Wednesday, April 22, 2009

Marlins Run Hijacked by Pirates

After a burst of victories for the Florida Marlins, the Pittsburgh Pirates derailed the Fish and swept them in convincing fashion. Marlins players are now left with one thing - a wake up call. This dominant trend was not going to last all year long and the Marlins learned that the hard way.

Scoring as usual was a difficulty for the Fish in this series, only scoring six total runs in all three games; one game was a shut out. The Pirates displayed solid pitching and extraordinary defense that kept the Marlins from breaking open their offense.

Emilio Bonifacio continued his slump by racking up only 3 hits in the entire series, dropping his batting average to .311 (which is still good). The rest of the usual offense-starters (including Hanley Ramirez, Dan Uggla, Jorge Cantu, Cody Ross, and Jeremy Hermida) were also stunted by the Pirates pitching and fielding. It was the first series where the Marlins suffered offensively in each game. 

While we weren't scoring, the Pirates were racking up points to solidify their wins. They scored eight runs in game one, three runs in game two, and seven runs in game three. That's a total of 18 runs in the series. Something went wrong with our pitching. Anibal Sanchez did a decent job of holding the Pirates to three runs in his start, but the Marlins didn't give him enough run support to secure a victory. On the other hand, Andrew Miller and Ricky Nolasco had poor efforts and dug the Marlins into a hole early on in their outings. The problem with this is that the Fish didn't have the same come-from-behind luck that they had in Washington versus the Nationals.

I guess you can say this was a genuine three-game defeat where the Pirates simply outplayed the Marlins. This may seem like a bad thing, but I look at it as somewhat of a positive thing. 

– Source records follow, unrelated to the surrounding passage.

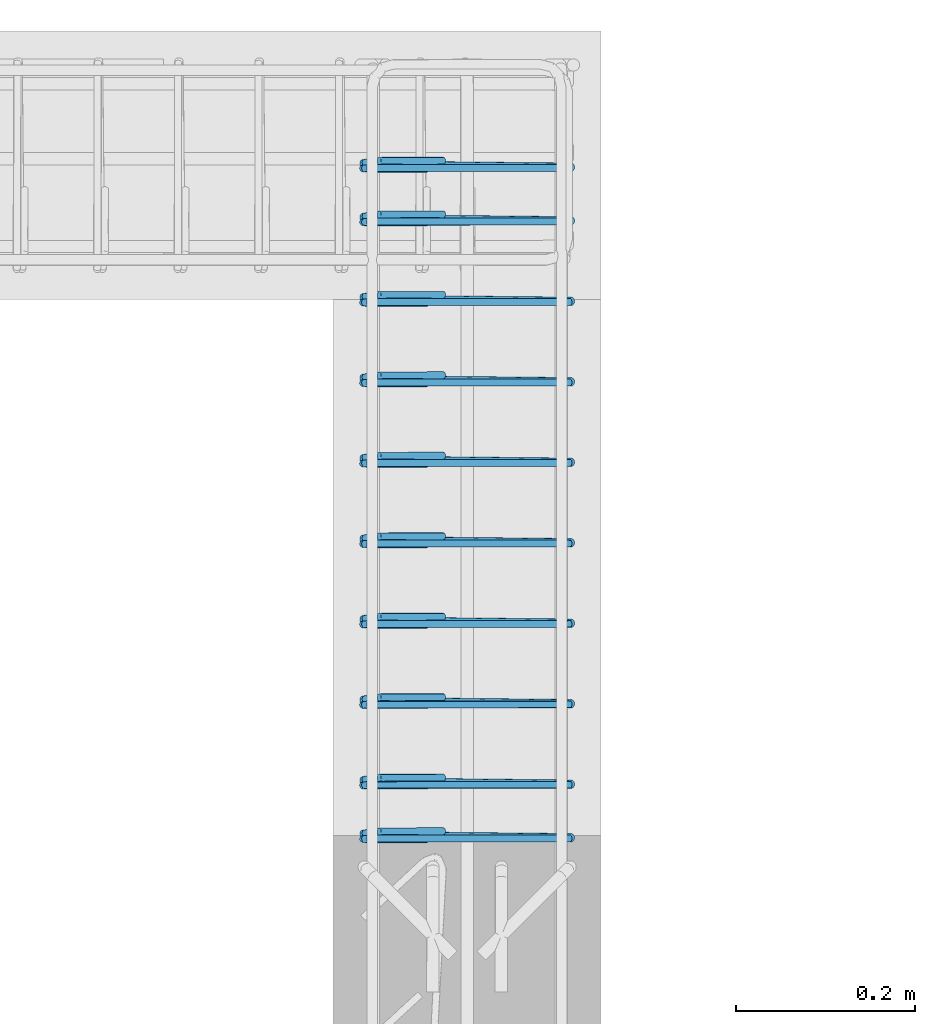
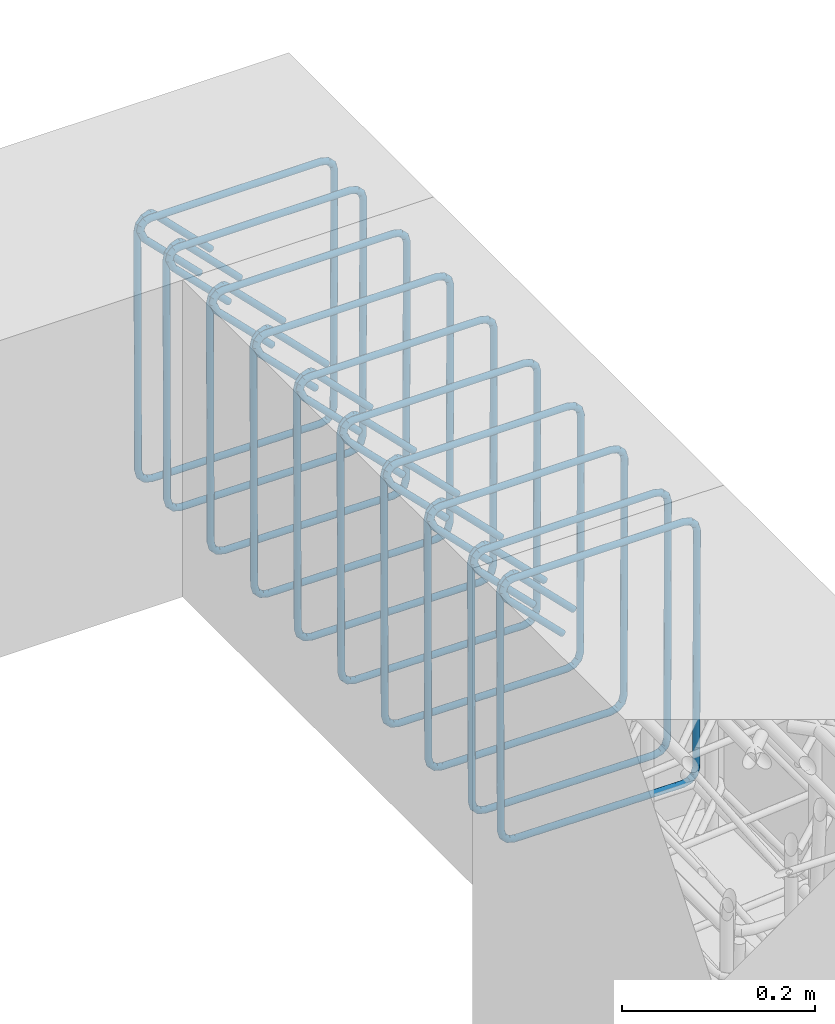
# One storey, part 24 of 24: 1 reinforcing bar.
"""IFC2X3 building model written with IfcOpenShell, lengths in metres."""

from ifc_helpers import new_model, entity, si_unit, direction, frame, origin, place, context, subcontext, project, spatial, shape, source, transform, mapped, element, save


model = new_model("IFC2X3")

# Units and contexts
model_context = context("Model", 3, precision=0.0, world=origin(), true_north=direction((0.0, 1.0)))
plan_context = context("Plan", 3, precision=0.0, world=origin(), true_north=direction((0.0, 1.0)))
body_context = subcontext(model_context, "Body", "Model", "MODEL_VIEW", scale=1.0)
ifc_project = project(units=[si_unit("LENGTHUNIT", "METRE"), si_unit("AREAUNIT", "SQUARE_METRE"), si_unit("VOLUMEUNIT", "CUBIC_METRE"), si_unit("PLANEANGLEUNIT", "RADIAN"), si_unit("THERMODYNAMICTEMPERATUREUNIT", "DEGREE_CELSIUS"), si_unit("FORCEUNIT", "NEWTON"), si_unit("MASSUNIT", "GRAM", prefix="KILO")], contexts=[model_context, plan_context])

# Site, building, storey
placement = place(None, origin())
site = spatial("IfcSite", under=ifc_project, at=placement, Name="Default Site", CompositionType="ELEMENT")
building = spatial("IfcBuilding", under=site, at=placement, Name="Default Building", CompositionType="ELEMENT")
storey_placement = place(placement, frame((0.0, 0.0, 3.3), z_axis=(1.0, 0.0, 0.0), x_axis=(0.0, 0.0, 1.0)))
storey = spatial("IfcBuildingStorey", under=building, at=storey_placement, Name="Piano 2", CompositionType="ELEMENT", Elevation=3.3)

# Reinforcing bar
shared_shape_1 = source(origin(), body_context, None, "AdvancedSweptSolid", [
    entity("IfcSweptDiskSolid", entity("IfcCompositeCurve", [entity("IfcCompositeCurveSegment", "CONTINUOUS", True, entity("IfcPolyline", [entity("IfcCartesianPoint", [0.0, 0.0, 0.0]), entity("IfcCartesianPoint", [-0.066019, 0.0, 0.066019]), entity("IfcCartesianPoint", [-0.070711, 0.000256, 0.07734]), entity("IfcCartesianPoint", [-0.069135, 0.000483, 0.083218]), entity("IfcCartesianPoint", [-0.064829, 0.000652, 0.087521]), entity("IfcCartesianPoint", [-0.058947, 0.000716, 0.089095]), entity("IfcCartesianPoint", [0.145289, 0.000831, 0.089095]), entity("IfcCartesianPoint", [0.153289, 0.000846, 0.086952]), entity("IfcCartesianPoint", [0.159146, 0.000878, 0.081096]), entity("IfcCartesianPoint", [0.161289, 0.000919, 0.073096]), entity("IfcCartesianPoint", [0.161289, 0.002406, -0.226906]), entity("IfcCartesianPoint", [0.159146, 0.002467, -0.234905]), entity("IfcCartesianPoint", [0.15329, 0.002556, -0.240761]), entity("IfcCartesianPoint", [0.145291, 0.002647, -0.242905]), entity("IfcCartesianPoint", [-0.054712, 0.004677, -0.242905]), entity("IfcCartesianPoint", [-0.062712, 0.004769, -0.240761]), entity("IfcCartesianPoint", [-0.068567, 0.004858, -0.234905]), entity("IfcCartesianPoint", [-0.070711, 0.004919, -0.226906]), entity("IfcCartesianPoint", [-0.070711, 0.006406, 0.073106]), entity("IfcCartesianPoint", [-0.068586, 0.006717, 0.081101]), entity("IfcCartesianPoint", [-0.062781, 0.00749, 0.086954]), entity("IfcCartesianPoint", [-0.05485, 0.008516, 0.089095]), entity("IfcCartesianPoint", [-0.052514, 0.008756, 0.088627]), entity("IfcCartesianPoint", [-0.050526, 0.008843, 0.087296]), entity("IfcCartesianPoint", [0.018385, 0.00897, 0.018385])]))], False), 0.004, 0.0, 0.0),
])
shared_shape_2 = source(origin(), body_context, None, "AdvancedSweptSolid", [
    entity("IfcSweptDiskSolid", entity("IfcCompositeCurve", [entity("IfcCompositeCurveSegment", "CONTINUOUS", True, entity("IfcPolyline", [entity("IfcCartesianPoint", [0.0, 0.0, 0.0]), entity("IfcCartesianPoint", [-0.066019, 0.0, 0.066019]), entity("IfcCartesianPoint", [-0.070711, 0.000256, 0.07734]), entity("IfcCartesianPoint", [-0.069135, 0.000483, 0.083218]), entity("IfcCartesianPoint", [-0.064829, 0.000652, 0.087521]), entity("IfcCartesianPoint", [-0.058947, 0.000716, 0.089095]), entity("IfcCartesianPoint", [0.145289, 0.000831, 0.089095]), entity("IfcCartesianPoint", [0.153289, 0.000846, 0.086952]), entity("IfcCartesianPoint", [0.159146, 0.000878, 0.081096]), entity("IfcCartesianPoint", [0.161289, 0.000919, 0.073096]), entity("IfcCartesianPoint", [0.161289, 0.002406, -0.226906]), entity("IfcCartesianPoint", [0.159146, 0.002467, -0.234905]), entity("IfcCartesianPoint", [0.15329, 0.002556, -0.240761]), entity("IfcCartesianPoint", [0.145291, 0.002647, -0.242905]), entity("IfcCartesianPoint", [-0.054712, 0.004677, -0.242905]), entity("IfcCartesianPoint", [-0.062712, 0.004769, -0.240761]), entity("IfcCartesianPoint", [-0.068567, 0.004858, -0.234905]), entity("IfcCartesianPoint", [-0.070711, 0.004919, -0.226906]), entity("IfcCartesianPoint", [-0.070711, 0.006406, 0.073106]), entity("IfcCartesianPoint", [-0.068586, 0.006717, 0.081101]), entity("IfcCartesianPoint", [-0.062781, 0.00749, 0.086954]), entity("IfcCartesianPoint", [-0.05485, 0.008516, 0.089095]), entity("IfcCartesianPoint", [-0.052514, 0.008756, 0.088627]), entity("IfcCartesianPoint", [-0.050526, 0.008843, 0.087296]), entity("IfcCartesianPoint", [0.018385, 0.00897, 0.018385])]))], False), 0.004, 0.0, 0.0),
])
shared_shape_3 = source(origin(), body_context, None, "AdvancedSweptSolid", [
    entity("IfcSweptDiskSolid", entity("IfcCompositeCurve", [entity("IfcCompositeCurveSegment", "CONTINUOUS", True, entity("IfcPolyline", [entity("IfcCartesianPoint", [0.0, 0.0, 0.0]), entity("IfcCartesianPoint", [-0.066019, 0.0, 0.066019]), entity("IfcCartesianPoint", [-0.070711, 0.000256, 0.07734]), entity("IfcCartesianPoint", [-0.069135, 0.000483, 0.083218]), entity("IfcCartesianPoint", [-0.064829, 0.000652, 0.087521]), entity("IfcCartesianPoint", [-0.058947, 0.000716, 0.089095]), entity("IfcCartesianPoint", [0.145289, 0.000831, 0.089095]), entity("IfcCartesianPoint", [0.153289, 0.000846, 0.086952]), entity("IfcCartesianPoint", [0.159146, 0.000878, 0.081096]), entity("IfcCartesianPoint", [0.161289, 0.000919, 0.073096]), entity("IfcCartesianPoint", [0.161289, 0.002406, -0.226906]), entity("IfcCartesianPoint", [0.159146, 0.002467, -0.234905]), entity("IfcCartesianPoint", [0.15329, 0.002556, -0.240761]), entity("IfcCartesianPoint", [0.145291, 0.002647, -0.242905]), entity("IfcCartesianPoint", [-0.054712, 0.004677, -0.242905]), entity("IfcCartesianPoint", [-0.062712, 0.004769, -0.240761]), entity("IfcCartesianPoint", [-0.068567, 0.004858, -0.234905]), entity("IfcCartesianPoint", [-0.070711, 0.004919, -0.226906]), entity("IfcCartesianPoint", [-0.070711, 0.006406, 0.073106]), entity("IfcCartesianPoint", [-0.068586, 0.006717, 0.081101]), entity("IfcCartesianPoint", [-0.062781, 0.00749, 0.086954]), entity("IfcCartesianPoint", [-0.05485, 0.008516, 0.089095]), entity("IfcCartesianPoint", [-0.052514, 0.008756, 0.088627]), entity("IfcCartesianPoint", [-0.050526, 0.008843, 0.087296]), entity("IfcCartesianPoint", [0.018385, 0.00897, 0.018385])]))], False), 0.004, 0.0, 0.0),
])
shared_shape_4 = source(origin(), body_context, None, "AdvancedSweptSolid", [
    entity("IfcSweptDiskSolid", entity("IfcCompositeCurve", [entity("IfcCompositeCurveSegment", "CONTINUOUS", True, entity("IfcPolyline", [entity("IfcCartesianPoint", [0.0, 0.0, 0.0]), entity("IfcCartesianPoint", [-0.066019, 0.0, 0.066019]), entity("IfcCartesianPoint", [-0.070711, 0.000256, 0.07734]), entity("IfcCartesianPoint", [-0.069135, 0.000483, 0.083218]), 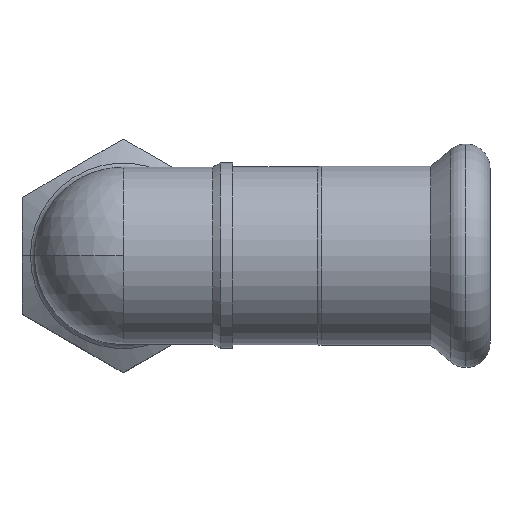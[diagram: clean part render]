
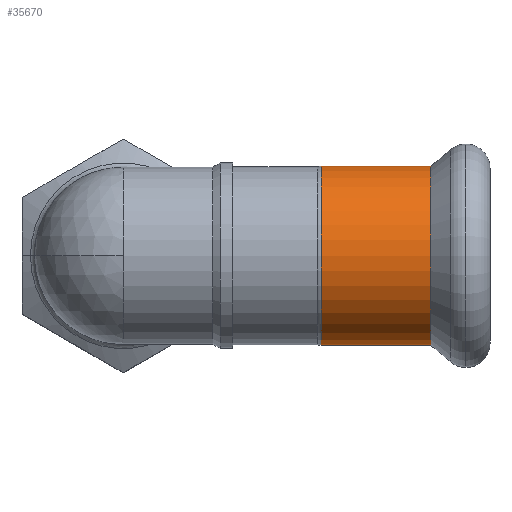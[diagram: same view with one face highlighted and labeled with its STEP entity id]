
A CAD part, top view. The second image highlights one B-rep face of the part: STEP entity #35670.
In plain terms, the highlighted cylindrical face has radius 10.625 mm (diameter 21.25 mm), a partial arc.
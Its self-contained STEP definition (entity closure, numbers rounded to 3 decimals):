
#35020=CARTESIAN_POINT('',(74.853,30.805,28.2));
#35030=VERTEX_POINT('',#35020);
#35210=CARTESIAN_POINT('',(74.853,52.055,28.2));
#35220=VERTEX_POINT('',#35210);
#35250=CARTESIAN_POINT('',(74.853,41.43,28.2));
#35260=DIRECTION('',(1.,0.,0.));
#35270=DIRECTION('',(0.,1.,0.));
#35280=AXIS2_PLACEMENT_3D('',#35250,#35260,#35270);
#35290=CIRCLE('',#35280,10.625);
#35350=CARTESIAN_POINT('',(68.088,41.43,28.2));
#35360=DIRECTION('',(-1.,0.,0.));
#35370=DIRECTION('',(0.,1.,0.));
#35380=AXIS2_PLACEMENT_3D('',#35350,#35360,#35370);
#35390=CYLINDRICAL_SURFACE('',#35380,10.625);
#35400=CARTESIAN_POINT('',(68.088,52.055,28.2));
#35410=DIRECTION('',(-1.,0.,0.));
#35420=VECTOR('',#35410,1.);
#35430=LINE('',#35400,#35420);
#35440=CARTESIAN_POINT('',(61.852,52.055,28.2));
#35450=VERTEX_POINT('',#35440);
#35460=EDGE_CURVE('',#35220,#35450,#35430,.T.);
#35470=ORIENTED_EDGE('',*,*,#35460,.T.);
#35480=EDGE_CURVE('',#35220,#35030,#35290,.T.);
#35490=ORIENTED_EDGE('',*,*,#35480,.F.);
#35500=CARTESIAN_POINT('',(68.088,30.805,28.2));
#35510=DIRECTION('',(-1.,0.,0.));
#35520=VECTOR('',#35510,1.);
#35530=LINE('',#35500,#35520);
#35540=CARTESIAN_POINT('',(61.852,30.805,28.2));
#35550=VERTEX_POINT('',#35540);
#35560=EDGE_CURVE('',#35030,#35550,#35530,.T.);
#35570=ORIENTED_EDGE('',*,*,#35560,.F.);
#35580=CARTESIAN_POINT('',(61.852,41.43,28.2));
#35590=DIRECTION('',(-1.,0.,0.));
#35600=DIRECTION('',(0.,1.,0.));
#35610=AXIS2_PLACEMENT_3D('',#35580,#35590,#35600);
#35620=CIRCLE('',#35610,10.625);
#35630=EDGE_CURVE('',#35550,#35450,#35620,.T.);
#35640=ORIENTED_EDGE('',*,*,#35630,.F.);
#35650=EDGE_LOOP('',(#35640,#35570,#35490,#35470));
#35660=FACE_OUTER_BOUND('',#35650,.T.);
#35670=ADVANCED_FACE('',(#35660),#35390,.T.);

The Marlins can now realize that their success was earned by hard work and competitive attitudes. With the knowledge that the Philadelphia Phillies are coming to town on Friday, the Fish have a chance to refocus their mindsets and get ready for the defending World Series Champions. 

The season may still be young, and we may have over-hyped the Marlins early success, but this is a turning point for the Fish. Do they continue to slip and lose the series to the Phillies? Or do they come back and regain their confidence versus the defending champs? 

We'll see what happens and finally begin to see whether this early season surge was just a "miracle" or if this team is actually a legitimate playoff contender.